Bernhard Mistlberger (born 22 September 1987) is an Austrian theoretical particle physicist known for his significant work in the area of quantum field theory. He is known for multi-loop calculations in quantum chromodynamics (QCD), including the first high-precision theoretical predictions of Higgs and vector boson production at the Large Hadron Collider.

== Career ==
Since 2020, Mistlberger has been a faculty member in the SLAC Theory Group at Stanford University. He was previously a Pappalardo Fellow in the Center for Theoretical Physics at MIT, and a research fellow at CERN.

In 2020, he was awarded the Wu-Ki Tung Award for Early-Career Research on QCD, for "pioneering theoretical computations of multi-loop radiative contributions for precision Higgs and electroweak physics at hadron colliders".

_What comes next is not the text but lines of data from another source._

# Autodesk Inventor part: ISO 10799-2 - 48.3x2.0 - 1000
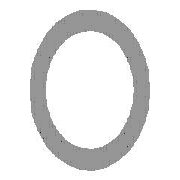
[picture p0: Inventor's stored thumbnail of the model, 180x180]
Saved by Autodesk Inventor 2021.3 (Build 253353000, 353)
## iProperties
IsCustomPart: 1
_CCFamilyMember: 14
_CCFamilyDisplayName: ISO 10799-2 (Profils creux circulaires - Formés à froid) - Aciers de construction - Coupes creuses profilées formées à froid, soudées
_FrameMemberDoc: Frame Member File
_Version: 25.0.0
_GetPNFromCC: 1
Created: 2018-01
Part Number: ISO 10799-2 - 48.3x2.0 - 1000
Material: Acier, doux
Description: Aciers de construction - Coupes creuses profilées formées à froid, soudées
Document SubType Name: Modeling
Standard: ISO
Designer: Fabian Perrée
Standard Revision: First edition 2011-09-15
Standards Organization: ISO
Language: fr-FR
Size Designation: 48.3x2.0
Categories: <MemberInstance><Categories><Category DisplayName="Profilés" InternalName="089c4875-fa83-4c05-b084-43b9cc11f5ed" Mnemonic="GRDR"><CategoryParameter DisplayName=
Stock Number: 48.3x2.0
Density: 7.85 g/cm^3
Appearance: Semi-poli
Mass: 2283.66 g
Surface Area: 2914.93 cm^2
Volume: 290.911 cm^3
G_L: 1000,000 mm
G_W: 48,300 mm
G_H: 48,300 mm
Author: Fabian Perrée
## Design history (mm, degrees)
node "Plan de départ"
node "Plan de fin"
sketch "Esquisse"
  geometry: C1 r 22.15 at (0, 0); C2 r 24.15 at (0, 0); 2 further points
  constraints: 3 coincident, 2 centre point
  dimensions: "d0" = 48.3 diameter of C2 (= G_H); "d1" = 2 radial gap between concentric circles of C2 C1 (= G_T)
extrude "Corps" new body sketch "Esquisse" stored distance "d2" = 1000 (= G_L); taper "d3" = 0 deg
node "Driven Length"
  sketch "Sketch3"
    geometry: L1 (0, 0)-(10, 0) reference
    constraints: 2 end point, 1 horizontal
  workplane "Work Plane3"
  sketch "Sketch4"
    geometry: L1 (-2, 0)-(12, 0) reference; L2 (-2, 1000)-(12, 1000) reference
    dimensions: "d7" = 1000 distance between parallel lines of L1 L2 (derived)
body "Solid1"
other parameters: "G_H" = 48.3 [user parameter; used in 1 equation term], "G_T" = 2 [user parameter; used in 1 equation term], "G_L" = 1000 (= d7) [user parameter; used in 1 equation term], "G_OFFSET_START" = 0 [user parameter; used in 1 equation term], "G_OFFSET_END" = 0 [user parameter; used in 1 equation term], "d4" = 0 (computed from G_OFFSET_START), "d6" = 90 deg, "MAS" = 0.228 [user parameter]

In 2021, he was awarded the European Physical Society’s Gribov Medal, for "groundbreaking contributions to multi-loop computations in QCD and to high-precision predictions of Higgs and vector boson production at hadron colliders".

In 2022, he won the American Physical Society's Henry Primakoff Award for Early-Career Particle Physics, for "groundbreaking contributions to high-precision quantum field theory, including the next-to-next-to-next-to-leading order QCD corrections to the production of Higgs and electroweak vector bosons at hadron colliders." In the same year, he also won the Guido Altarelli Award for "advancing the frontier of perturbative calculations in QCD to N3LO".